Il faut dire que tout ce qui entoure le sport roi s’est transformé en une obsession financière incontournable et qui occulte tout le reste. La compétition, la recherche de la performance, les objectifs économiques, parfois même politiques, caractérisent ainsi mieux le football tel qu’on le vit actuellement. Loin des pratiques régulières, sa gestion est devenue complexe. Elle repose sur un niveau d’exigence très élevé. On pense à l’argent, au financement, mais l’on oublie qu’il suppose une intendance, une comptabilité et des considérations particulières. S’il est impossible aujourd’hui de faire revivre l’aspect amateur, on réalise que le football n’est plus cet exutoire de passions collectives et on se dit que, faute de pratiques raisonnables et modérées, on se trompe de plus en plus sur les priorités, les tenants et les aboutissants.
Il est évident que, dans un environnement forcément exceptionnel, le football ne cesse de souffrir des changements artificiels. Il est fortement intégré dans la sphère économique. Il est soumis à tous les aléas et contraintes. De nouvelles pratiques ont vu le jour et ont contribué à entretenir une spirale inflationniste. D’ailleurs, ce qui a été entrepris à travers les différentes étapes par lesquelles il est passé s’est avéré inadapté, dénué et incomplet. Les clubs qui arrivent à s’y faire une place ont compris que les dispositifs liés aux approches et aux stratégies ont changé. Ils ont compris que le football et toute l’activité sportive n’ont plus la même signification. Ceux qui sont dans le bain depuis longtemps ont quelque part réussi à ajuster leurs convictions et leurs connaissances en fonction des nouvelles évolutions. Mais la majorité écrasante des clubs ne parvient plus à faire face à un univers qui ne sait plus se montrer raisonnable en termes de finances. Les rappels à l’ordre ne semblent pas convaincre les différentes parties prenantes. Encore moins constituer une solution pour remettre les choses à leur place réelle au point que les différents dérapages enregistrés au fur et à mesure sont considérés comme un fait ordinaire, tandis que le caractère prétendument exemplaire du football est ouvertement contredit.
La spirale a pris ainsi une nouvelle signification. Le football n’est plus une référence de jeu et de terrain, mais plutôt de rémunération et de compte bancaire. Lorsqu’on soulève le couvercle du football mondial, on ne peut se retenir devant la vertigineuse progression des salaires des joueurs au moment où la plupart des clubs sont frappés du sceau des dépenses démesurées et effrénées. L’accentuation d’un dualisme sur le marché des transferts a engendré deux catégories. Celle des stars et celle des joueurs, certes professionnels, mais ordinaires.

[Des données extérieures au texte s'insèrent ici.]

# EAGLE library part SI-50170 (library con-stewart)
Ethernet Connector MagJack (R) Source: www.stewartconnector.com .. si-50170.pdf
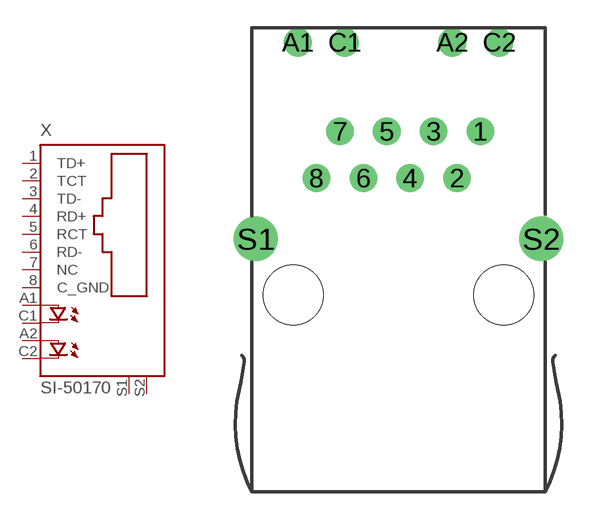
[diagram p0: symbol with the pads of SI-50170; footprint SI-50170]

Designator prefix X

## SI-50170 (OC_FARNELL: unknown; OC_NEWARK: unknown)  [SI-50170]
1  TD+  pas
2  TCT  pas
3  TD-  pas
4  RD+  pas
5  RCT  pas
6  RD-  pas
7  NC  pas
8  C_GND  pas
A1  A  pas
A2  A1  pas
C1  C  pas
C2  C1  pas
S1  S1  pas
S2  S2  pas

## Footprint SI-50170 (pad centres in mm)
Ethernet Connector (MagJack) Source: si-50170.pdf
drill 0.9 pad 1.5 round: 1 4.445,5.842; 2 3.175,3.302; 3 1.905,5.842; 4 0.635,3.302; 5 -0.635,5.842; 6 -1.905,3.302; 7 -3.175,5.842; 8 -4.445,3.302
drill 1.016 pad 1.5 round: A1 -5.461,10.668; A2 2.921,10.668; C1 -2.921,10.668; C2 5.461,10.668
drill 1.6 pad 2.2 round: S1 -7.747,0; S2 7.747,0
hole 3.251 at -5.715,-3.048
hole 3.251 at 5.715,-3.048
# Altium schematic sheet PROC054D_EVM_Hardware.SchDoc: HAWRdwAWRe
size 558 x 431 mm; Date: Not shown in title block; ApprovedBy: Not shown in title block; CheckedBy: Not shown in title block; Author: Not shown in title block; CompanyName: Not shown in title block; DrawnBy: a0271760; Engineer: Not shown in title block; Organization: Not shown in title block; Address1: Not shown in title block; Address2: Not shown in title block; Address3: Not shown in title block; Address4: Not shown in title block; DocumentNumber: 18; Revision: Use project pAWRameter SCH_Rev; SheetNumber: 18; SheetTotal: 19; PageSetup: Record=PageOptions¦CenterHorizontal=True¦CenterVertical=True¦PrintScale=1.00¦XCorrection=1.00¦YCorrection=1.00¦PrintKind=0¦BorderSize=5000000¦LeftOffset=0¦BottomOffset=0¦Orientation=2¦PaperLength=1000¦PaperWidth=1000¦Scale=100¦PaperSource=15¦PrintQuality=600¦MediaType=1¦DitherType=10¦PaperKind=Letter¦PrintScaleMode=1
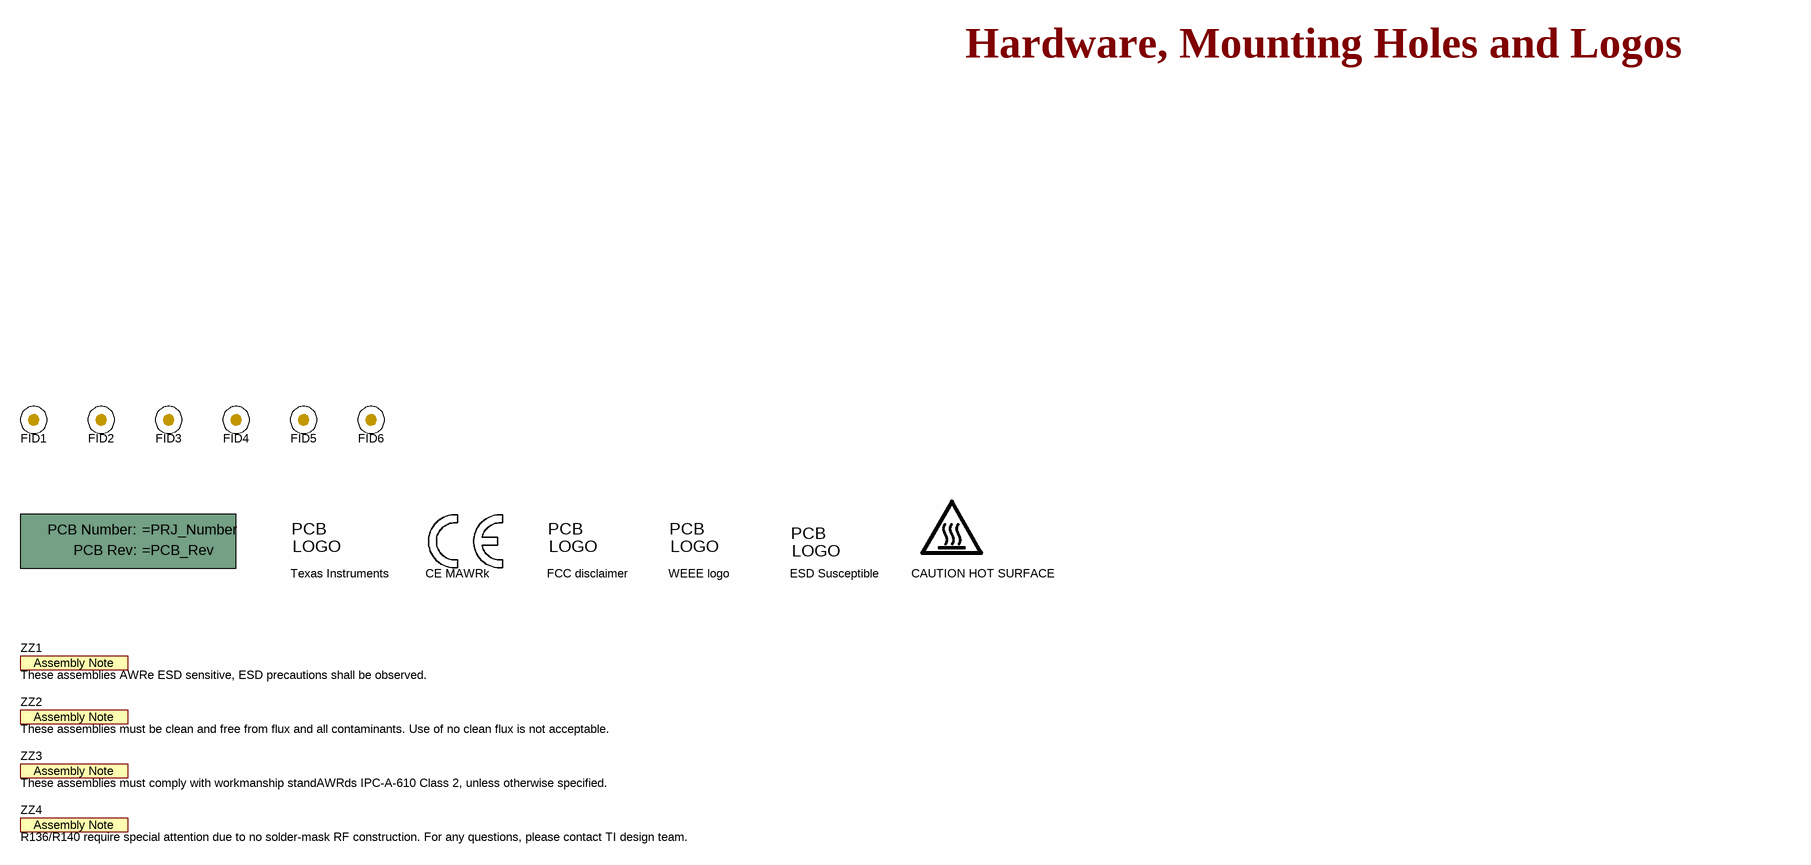
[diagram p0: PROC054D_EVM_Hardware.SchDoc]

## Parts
!PCB1  Printed Circuit Board  (value not drawn)  (mechanical)
FID1  Fiducial  [Fiducial10-20]  (value not drawn)
FID2  Fiducial  [Fiducial10-20]  (value not drawn)
FID3  Fiducial  [Fiducial10-20]  (value not drawn)
FID4  Fiducial  [Fiducial10-20]  (value not drawn)
FID5  Fiducial  [Fiducial10-20]  (value not drawn)
FID6  Fiducial  [Fiducial10-20]  (value not drawn)
Logo1  CE MAWRk  [CE_Mark_5mm]  (no BOM)
Logo2  Texas Instruments  [TI_Stacked_Overlay_Small]  (no BOM)
Logo3  FCC disclaimer  [FCC_disclaimer]  (no BOM)
Logo4  WEEE logo  [WEEE_Minimum]  (no BOM)
Logo5  ESD Susceptible  [ESD_Overlay_Large]  (no BOM)
LOGO6  CAUTION HOT SURFACE  [IEC_HotSurface_Large]  (no BOM)
ZZ1  These assemblies AWRe ESD sensitive, ESD precautions shall be observed.  [AssemblyNote]  (no BOM)
ZZ2  These assemblies must be clean and free from flux and all contaminants. Use of no clean flux is not acceptable.  [AssemblyNote]  (no BOM)
ZZ3  These assemblies must comply with workmanship standAWRds IPC-A-610 Class 2, unless otherwise specified.  [AssemblyNote]  (no BOM)
ZZ4  R136/R140 require special attention due to no solder-mask RF construction. For any questions, please contact TI design team.  [AssemblyNote]  (no BOM)

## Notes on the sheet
- Hardware, Mounting Holes and Logos

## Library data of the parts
!PCB1 = CMP-0003618-2: Manufacturer: Any
FID1-FID6 = CMP-0077181-1: Fiducial mark.  There is nothing to buy or mount.
Logo1 = CMP-0074844-1: CE Mark; SymbolCreator: a0412235
Logo2 = CMP-0074838-1: Texas Instrument Corporate Signature; SymbolCreator: a0412235; Lib Reference: TI_Logo; Library Reference: Logo
Logo3 = CMP-0074847-1: FCC_disclaimer; Library Reference: Logo
Logo4 = CMP-0074769-1
Logo5 = CMP-0074840-1: ESD Susceptible Symbol; SymbolCreator: a0412235; Lib Reference: ESD_Susceptible
LOGO6 = CMP-0074837-1: IEC 61010-1 Hot Surface Warning; SymbolCreator: a0412235
ZZ1 = CMP-0077236-1: These assemblies are ESD sensitive, ESD precautions shall be observed.
ZZ2 = CMP-0077237-1
ZZ3 = CMP-0077238-1: These assemblies must comply with workmanship standards IPC-A-610 Class 2, unless otherwise specified.
ZZ4 = CMP-0077238-1
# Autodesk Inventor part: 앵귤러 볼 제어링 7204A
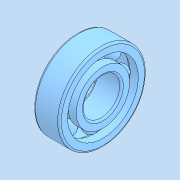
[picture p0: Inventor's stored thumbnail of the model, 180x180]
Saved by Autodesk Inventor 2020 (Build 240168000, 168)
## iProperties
Created: 2024-11
Part Number: 앵귤러 볼 제어링 7204A
Material: 강철, 연강
Description: 앵귤러 콘택트 볼 베어링
Document SubType Name: Modeling
Designer: 1강의실14
Density: 7.85 g/cm^3
Appearance: 기본값
Author: jhkim
Sending System: Autodesk Inventor 2025
Preprocessor: ST-DEVELOPER v20
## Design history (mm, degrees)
node "앵귤러 볼 제어링 7204A1"
node "솔리드1"
node "솔리드2"
node "솔리드3"
node "솔리드4"
node "솔리드5"
node "솔리드6"
node "솔리드7"
node "솔리드8"
node "솔리드9"
node "솔리드10"
body "Solid1"
node "Solid1:1"
node "Solid1:2"
node "Solid1:3"
node "Solid1:4"
node "Solid1:5"
node "Solid1:6"
node "Solid1:7"
node "Solid1:8"
node "Solid1:9"

L’impératif serait aujourd’hui d’assurer un certain équilibre pour que l’accroissement exponentiel de l’argent circulant dans le football ne puisse pas masquer une autre réalité. La plupart des clubs dans le monde entier ont une masse salariale supérieure à leur chiffre d’affaires. Depuis qu’ils avaient commencé à être touchés par le déséquilibre financier, beaucoup de voix s’étaient élevées pour plaider pour la nécessité d’un encadrement plus étroit, pour l’amélioration de la transparence et de la traçabilité des comptes des clubs, des indemnités des transferts et du plafonnement de la masse salariale des joueurs.